A Thermistor is a semiconductor component highly sensitive to temperature, with its resistance value changing significantly in response to temperature variations. Based on their temperature coefficient, thermistors are classified into Positive Temperature Coefficient (PTC) thermistors and Negative Temperature Coefficient (NTC) thermistors.

NTC thermistors are used for temperature measurement, temperature control, and temperature compensation, and are referred to as temperature sensors.
PTC thermistors are used for temperature measurement and control, and can also function as heating elements while simultaneously acting as a "switch." They combine the three functions of a sensing element, heater, and switch, and are thus called "thermal switches."
NTC thermistors, short for Negative Temperature Coefficient, exhibit a significant decrease in resistance as temperature increases. Utilizing this characteristic, NTC components are commonly used in small household appliances for soft-start circuits, automatic detection, and control circuits.

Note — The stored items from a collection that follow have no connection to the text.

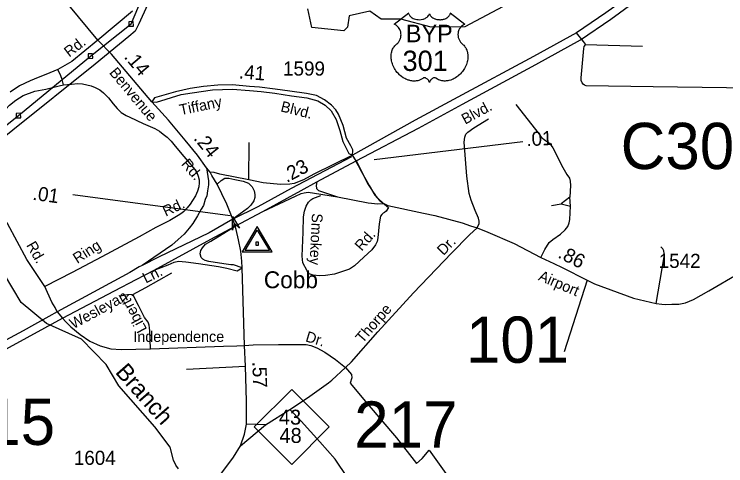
# Model space of a CAD drawing. Extents: x 2220236 to 2384410, y 720751 to 894131.
# Drawn here: x 2352437 to 2358744, y 809274 to 813280 of the extents above; entities that cross this region are included whole.
import ezdxf

# ---------------------------------------------------------------- set-up
doc = ezdxf.new("R2010")
doc.units = 0
doc.layers.add('Default', color=7, linetype='Continuous')

msp = doc.modelspace()

# ---------------------------------------------------------------- linework, layer by layer
at = {"layer": 'Default'}
for p, q in [((2357496.1, 813014.1), (2357499.6, 813009.5)), ((2358004.7, 812994.9), (2357499.6, 813009.5)), ((2355626.9, 811991.3), (2356944.7, 812151.8)), ((2354516.2, 811811.6), (2354518.7, 812141.5)), ((2354349.8, 811491.8), (2352956, 811677.7)), ((2357361.1, 811657.8), (2357283.9, 811598.9)), ((2357366.1, 811575.8), (2357361.1, 811657.8)), ((2357200.1, 811583.8), (2357283.9, 811598.9)), ((2357283.9, 811598.9), (2357366.1, 811575.8)), ((2357513.9, 810920), (2357311.5, 810283.6)), ((2352818, 810641.1), (2352799.2, 810677.2)), ((2355373.5, 810147.1), (2355427.3, 810195.1)), ((2353962.5, 810131.5), (2354486.1, 810157.7)), ((2354663, 809636.9), (2354878.5, 809774.5)), ((2354443, 809451), (2354663, 809636.9)), ((2354663, 809636.9), (2354496.5, 809642.9))]:
    msp.add_line(p, q, dxfattribs=at)
for points in [[(2359729.8, 815896.7), (2359614.3, 815612.9), (2359518.1, 815409.4), (2359392.7, 815174.4), (2359295.4, 815005.6), (2359188.2, 814832.9), (2359124.4, 814737.1), (2359004.3, 814569.8), (2358878.1, 814407), (2358767.1, 814276.2), (2358642.5, 814139.3), (2358606, 814096.7), (2358507.2, 813991.7), (2358250.2, 813744), (2358044.1, 813566.4), (2357872.9, 813431.6), (2357679.5, 813292), (2357419.5, 813115.9), (2357040.7, 812904.9), (2356368.5, 812543.3), (2355989.6, 812338.7), (2355434.7, 812028.2)], [(2355467.5, 811978.6), (2356019.8, 812270.5), (2356409.7, 812481.4), (2357059.7, 812835.1), (2357454.4, 813052.5), (2357725.5, 813234.9), (2357922.1, 813382.4), (2358113.9, 813534.7), (2358299.4, 813698), (2358549.7, 813932.4), (2358662.2, 814051), (2358706.3, 814095.2), (2358835.5, 814238.1), (2358949.6, 814378.1), (2359075.7, 814548.5), (2359182.1, 814697.5), (2359258.2, 814809.8), (2359357.7, 814973.6), (2359442.9, 815121.2), (2359578.2, 815379.8), (2359676.6, 815597.7), (2359789.5, 815873.1)], [(2353176.2, 813050.8), (2352749.5, 813569.2), (2352437.3, 813968.5)], [(2346701.4, 803768.3), (2347318, 803863.7), (2348082.4, 803978.8), (2348896.4, 804114.6), (2349668.8, 804235.8), (2349684, 804971.7), (2349701.5, 805673.7), (2349709.8, 806313.5), (2349726.9, 807063.6), (2349743.4, 807839.6), (2349751, 808535.4), (2349765.4, 809335.3), (2349939.6, 809817.2), (2350090.8, 810226.9), (2350328.9, 810529.6), (2350606.6, 810882.8), (2351204.5, 811377.9), (2351739.2, 811798), (2352473.9, 812380.7), (2353111.5, 812908.3), (2353471.9, 813194.5), (2353662.4, 813640.7)], [(2357342.7, 813655.6), (2356431.8, 813168.7), (2356131.6, 813166.3), (2355864.6, 813237.4), (2355689.7, 813236.9), (2355588.6, 813308.2), (2355406.7, 813264.6), (2355390.8, 813165.6), (2355357.7, 813131.4), (2355074.8, 813162.5), (2355038.7, 813328.4)], [(2353680.1, 813501), (2353539.9, 813195.3), (2353508.6, 813129), (2353453.3, 813082.3), (2353154.4, 812836.8), (2352423.5, 812252.2), (2351712.6, 811679.9), (2351106.6, 811196.8), (2350696.9, 810861.9), (2350657.2, 810829.5), (2350576.4, 810736.6), (2350391.2, 810504.3), (2350132.9, 810199.4), (2349980.2, 809773.6), (2349827.6, 809332), (2349826.9, 808886.2), (2349820, 808464.1), (2349807.5, 808000.2), (2349800.4, 807584.2), (2349797.5, 807166.3), (2349785.5, 806336.4), (2349765.7, 805488.5)], [(2353485.3, 813306.4), (2353176.2, 813050.8)], [(2356301.5, 813293.2), (2356430.1, 813190.8), (2356427, 813189.6), (2356420.1, 813186.2), (2356414.5, 813183), (2356405.7, 813176.7), (2356401.9, 813173.3), (2356398.1, 813169.7), (2356394.6, 813165.9), (2356391.5, 813162.4), (2356387.8, 813157.2), (2356384.4, 813152), (2356381.2, 813146.3), (2356378.8, 813141.4), (2356374.8, 813131.1), (2356372.9, 813124.5), (2356371.7, 813119), (2356370.2, 813107.5), (2356369.8, 813102), (2356369.8, 813096.6), (2356370.1, 813090.9), (2356370.7, 813085.5), (2356371.6, 813079.8), (2356372.5, 813074.8), (2356374.1, 813068.6), (2356376.4, 813061.5), (2356379.2, 813054.5), (2356385.1, 813043.4), (2356392.7, 813032), (2356398.1, 813025.6), (2356403.4, 813020.1), (2356411.3, 813013.4), (2356415.6, 813009.6), (2356420.5, 813004.7), (2356428.6, 812995.3), (2356431.9, 812990.9), (2356435.2, 812986), (2356438.2, 812980.9), (2356441.2, 812975.4), (2356443.7, 812970.7), (2356448.2, 812959.6), (2356451.5, 812948.9), (2356453, 812943.3), (2356455.4, 812930.7), (2356456.3, 812924.4), (2356457.3, 812912.1), (2356457.3, 812897.2), (2356456.2, 812883.1), (2356453.5, 812866.6), (2356451.3, 812856.7), (2356448, 812845.3), (2356444.7, 812835.3), (2356438.8, 812820.7), (2356433.6, 812810), (2356426.9, 812797.6), (2356422.2, 812790), (2356416.8, 812782), (2356410.1, 812772.7), (2356402.2, 812762.8), (2356392.7, 812752.4), (2356385, 812744.7), (2356375, 812735.8), (2356368.9, 812730.8), (2356360.2, 812724.2), (2356348.4, 812716.3), (2356336.7, 812709.6), (2356326.8, 812704.5), (2356317.9, 812700.7), (2356306.6, 812696.3), (2356287.6, 812691.1), (2356280.7, 812689.7), (2356272.5, 812688.4), (2356264.8, 812687.7), (2356257.3, 812687.2), (2356247.3, 812687.2), (2356237.4, 812688), (2356227.9, 812689.3), (2356218.2, 812691.4), (2356207.9, 812694.4), (2356198.6, 812698.1), (2356189.2, 812702.7), (2356173.3, 812712.8), (2356168.7, 812715.2), (2356166.1, 812715.9), (2356159.9, 812716.2), (2356154.2, 812715), (2356148.2, 812712.6), (2356144.7, 812710.7), (2356139.9, 812707.6), (2356136.3, 812704.7), (2356131.9, 812700.5), (2356128.8, 812697), (2356126.5, 812694.3), (2356122, 812687.2), (2356120.4, 812683.9), (2356118.8, 812679.5), (2356117.3, 812673.2), (2356115.3, 812681.2), (2356112.9, 812686.5), (2356110.2, 812691.1), (2356107.3, 812695.1), (2356102.9, 812700.3), (2356098.8, 812704.2), (2356094, 812708.1), (2356088.8, 812711.2), (2356084.7, 812713.4), (2356080.9, 812714.8), (2356076.2, 812715.9), (2356072.4, 812716.2), (2356069.3, 812716.2), (2356065, 812715.2), (2356059.2, 812711), (2356053.7, 812707.2), (2356047.7, 812703.5), (2356040.6, 812699.7), (2356035.3, 812697.2), (2356029.1, 812694.8), (2356021.8, 812692.4), (2356013.9, 812690.3), (2356005.8, 812688.7), (2355998.7, 812687.6), (2355991, 812686.9), (2355984.1, 812686.7), (2355976.9, 812686.8), (2355970.1, 812687.3), (2355962.3, 812688), (2355952.6, 812689.4), (2355944.5, 812691.2), (2355936, 812693.5), (2355927.3, 812696.3), (2355917.9, 812699.8), (2355906.2, 812704.9), (2355898.1, 812709.1), (2355885.3, 812716.5), (2355870.2, 812726.9), (2355858.9, 812736.1), (2355850.6, 812743.6), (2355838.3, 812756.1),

PTC thermistors, short for Positive Temperature Coefficient, exhibit a significant increase in resistance as temperature rises. This property is often utilized in automatic control circuits.
NTC thermistors are ceramic semiconductor thermal sensing crystals primarily sintered from metal oxides such as manganese, cobalt, and nickel. Their zero-power resistance decreases as the component's own temperature increases.
A thermistor is a heat-sensitive semiconductor resistor whose resistance value changes with the component's own temperature.
    Negative Temperature Coefficient (NTC) Thermistor
    Zero-Power Resistance (R_T)
The DC resistance value measured at a specific temperature (T) when the power consumed by the thermistor is extremely low (to the point where a further decrease in power would cause a resistance change rate of less than 0.1%).
     Material Constant (B Value)
The B value is calculated using the following formula based on resistance measurements at two specific ambient temperatures (in Kelvin, K):
                           B = Ln(R₁/R₂) / (1/T₁ - 1/T₂)
  The B value for NYFEA Nyfea products is typically determined at T₁=298.15K and T₂=323.15K or 358.15K.
  Generally, B values range from 2000 to 6000K. A higher B value indicates a greater resistance change rate per 1°C.
     Dissipation Coefficient (δ)
The power required, under specific ambient conditions, to raise the temperature of an NTC thermistor by 1°C through self-heating, usually expressed in mW/°C. It can be calculated using the formula:
           δ = V × I / (T - T₀)
    Thermal Time Constant (τ)
Under zero-power conditions, when the ambient temperature of the thermistor changes abruptly, the time required for the thermistor element to change by 63.2% of the temperature difference between its initial temperature (T₀) and its final temperature (T₁). It is usually expressed in seconds (s).